Polizeigewalt in Griechenland:Im Visier der Antifolter-Wächter

Lesezeit: 1 Min.

Fausthiebe, Fußtritte, Stockschläge: Griechische Polizisten gehen nicht gerade zimperlich mit Festgenommenen um. Jetzt erhebt das Antifolterkomitee des Europarates schwere Vorwürfe.

Es sind Szenen, wie man sie in einer Diktatur erwarten würde. Tatsächlich aber sollen sie sich in einem demokratischen Land ereignen - mitten in Europa: Im Polizeigewahrsam in Griechenland kommt es offenbar zu brutalen Übergriffen auf Festgenommene. Fausthiebe, Fußtritte und Stockschläge seien gängige Praktiken. Einige grenzten an Folter. Zu diesem Ergebnis kommt ein Bericht des Antifolterkomitees des Europarates.

Brutale Übergriffe und menschenunwürdige Lebensumstände: In griechischen Gefängnissen und Abschiebezentren sollen teils katastrophale Zustände herrschen. (Foto: dpa)

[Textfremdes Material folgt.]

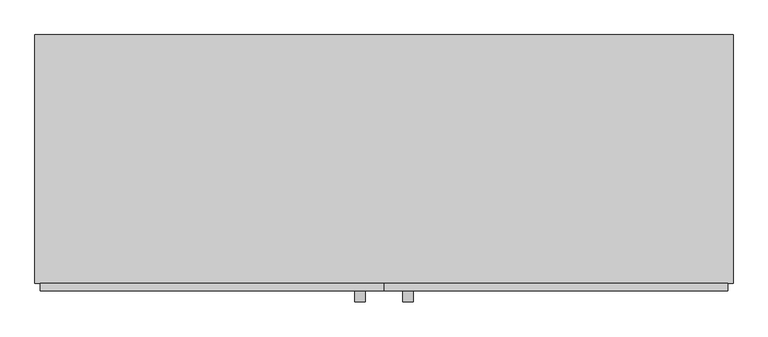
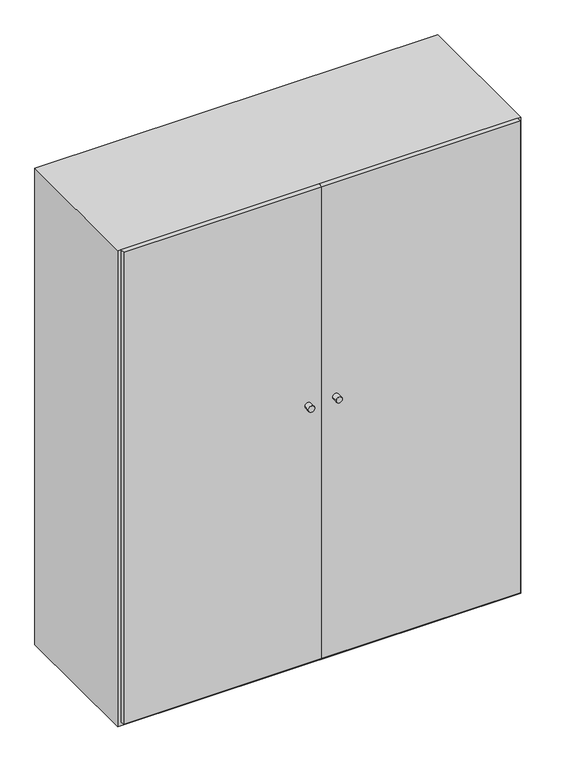
"""IFC4 building model written with IfcOpenShell, lengths in millimetres: furniture geometry, Armario dormitorio : ARMARIO DORM_PABLO."""

from ifc_helpers import new_model, si_unit, point, frame, frame_2d, origin, origin_with_axes, place, context, project, spatial, polyline, circle_curve, trimmed, segment, composite_curve, outline, extrude, source, transform, mapped, element, save


def furniture_64353a5b(model_context):
    return source(origin(), model_context, "Body", "SweptSolid", [
        extrude(outline(composite_curve([segment(trimmed(circle_curve(frame_2d((1100.0, -55.0)), 12.5), [point((1100.0, -67.5))], [point((1100.0, -42.5))], False, "CARTESIAN"), True, "CONTINUOUS"), segment(trimmed(circle_curve(frame_2d((1100.0, -55.0)), 12.5), [point((1100.0, -42.5))], [point((1100.0, -67.5))], False, "CARTESIAN"), True, "CONTINUOUS")], self_intersect=False)), frame((0.0, -613.0, 0.0), z_axis=(0.0, 1.0, 0.0), x_axis=(0.0, 0.0, 1.0)), (0.0, 0.0, 1.0), 25.0),
        extrude(outline(composite_curve([segment(trimmed(circle_curve(frame_2d((1100.0, 55.0)), 12.5), [point((1100.0, 42.5))], [point((1100.0, 67.5))], False, "CARTESIAN"), True, "CONTINUOUS"), segment(trimmed(circle_curve(frame_2d((1100.0, 55.0)), 12.5), [point((1100.0, 67.5))], [point((1100.0, 42.5))], False, "CARTESIAN"), True, "CONTINUOUS")], self_intersect=False)), frame((0.0, -613.0, 0.0), z_axis=(0.0, 1.0, 0.0), x_axis=(0.0, 0.0, 1.0)), (0.0, 0.0, 1.0), 25.0),
        extrude(outline(polyline([(0.0, -570.0), (787.5, -570.0), (787.5, -588.0), (0.0, -588.0), (0.0, -570.0)])), frame((0.0, 0.0, 18.0), z_axis=(0.0, 0.0, 1.0), x_axis=(1.0, 0.0, 0.0)), (0.0, 0.0, 1.0), 1982.0),
        extrude(outline(polyline([(0.0, -570.0), (0.0, -588.0), (-787.5, -588.0), (-787.5, -570.0), (0.0, -570.0)])), frame((0.0, 0.0, 18.0), z_axis=(0.0, 0.0, 1.0), x_axis=(1.0, 0.0, 0.0)), (0.0, 0.0, 1.0), 1982.0),
        extrude(outline(polyline([(800.0, 0.0), (800.0, -570.0), (-800.0, -570.0), (-800.0, 0.0), (800.0, 0.0)])), origin_with_axes(), (0.0, 0.0, 1.0), 2000.0),
    ])


if __name__ == "__main__":
    model = new_model("IFC4")
    model_context = context("Model", 3, world=origin())
    ifc_project = project(units=[si_unit("LENGTHUNIT", "METRE", prefix="MILLI")], contexts=[model_context])
    site = spatial("IfcSite", under=ifc_project)
    building = spatial("IfcBuilding", under=site)
    placement = place(None, origin())
    furniture_shape = furniture_64353a5b(model_context)
    element("IfcFurniture", 1, ObjectType="Armario dormitorio : ARMARIO DORM_PABLO", at=placement, inside=building, context=model_context, shape_type="MappedRepresentation", body=[
        mapped(furniture_shape, transform((0.0, 0.0, 0.0), x_axis=(1.0, 0.0, 0.0), y_axis=(0.0, 1.0, 0.0), z_axis=(0.0, 0.0, 1.0))),
    ])
    save(model, "model.ifc")

# Revit data of these elements
# Type "Armario dormitorio : ARMARIO DORM_PABLO"
#   Anchura = 1.60 m
#   Altura = 2.00 m
#   Profundidad = 0.57 m
#   Material de armario = none
#   Default Elevation = 0
# Element 1 (IfcFurniture, "Armario dormitorio : ARMARIO DORM_PABLO")
#   Materials on its faces: "Madera - Listel"
# Materials
#   "Madera - Listel": class "Madera", colour RGB 210 180 110, transparency 0, Cost = 0
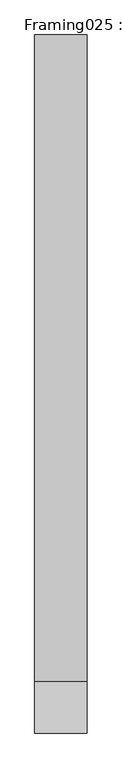
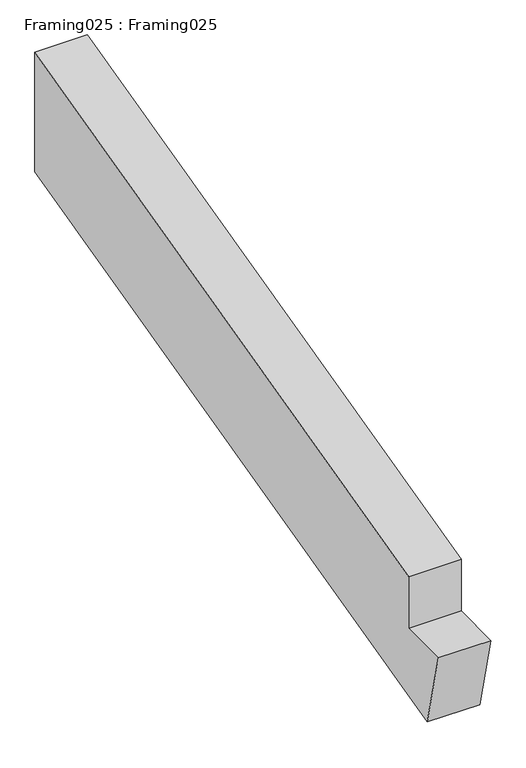
"""IFC4 building model written with IfcOpenShell, lengths in millimetres: proxy geometry, Framing025 : Framing025."""

from ifc_helpers import new_model, si_unit, frame, origin, place, context, project, spatial, polyline, outline, extrude, source, transform, mapped, element, save


def framing025_framing025_fdaa2fb1(model_context):
    return source(origin(), model_context, "Body", "SweptSolid", [
        extrude(outline(polyline([(-5374.9745897, 42642.0307603), (-5224.4076049, 42642.0307603), (-5224.4076049, 42800.8143799), (-3344.6566162, 43270.717426), (-3344.6566162, 42903.8818003), (-5318.455674, 42411.3663805), (-5374.9745897, 42642.0307603)])), frame((12534.9, 0.0, 0.0), z_axis=(1.0, 0.0, 0.0), x_axis=(0.0, 1.0, 0.0)), (0.0, 0.0, 1.0), 152.4),
    ])


if __name__ == "__main__":
    model = new_model("IFC4")
    model_context = context("Model", 3, world=origin())
    ifc_project = project(units=[si_unit("LENGTHUNIT", "METRE", prefix="MILLI")], contexts=[model_context])
    site = spatial("IfcSite", under=ifc_project)
    building = spatial("IfcBuilding", under=site)
    placement = place(None, origin())
    framing025_framing025_shape = framing025_framing025_fdaa2fb1(model_context)
    element("IfcBuildingElementProxy", 1, Name="Framing025 : Framing025", ObjectType="Framing025 : Framing025", at=placement, inside=building, context=model_context, shape_type="MappedRepresentation", body=[
        mapped(framing025_framing025_shape, transform((0.0, 0.0, 0.0), x_axis=(1.0, 0.0, 0.0), y_axis=(0.0, 1.0, 0.0), z_axis=(0.0, 0.0, 1.0))),
    ])
    save(model, "model.ifc")

# Revit data of these elements
# Type "Framing025 : Framing025"
#   NameOverride = "Framing025"
# Element 1 (IfcBuildingElementProxy, "Framing025 : Framing025")
#   Materials on its faces: "WOOD FRAMING (SEE STRUCT DWGS)"
# Materials
#   "WOOD FRAMING (SEE STRUCT DWGS)": class "Unassigned", colour RGB 224 188 168, transparency 0, Cost = 0

In Thessaloniki sei einem Mann eine Plastiktüte über den Kopf gestülpt worden - und die Beamten hätten gedroht, ihn zu vergewaltigen. Auch in Gefängnissen und Abschiebezentren herrschten teils katastrophale Zustände, kritisieren die Menschenrechtsexperten in ihrem am Mittwoch in Straßburg vorgelegten Report. Die Regierung in Athen wies die Beschuldigungen über schwere Misshandlungen zurück.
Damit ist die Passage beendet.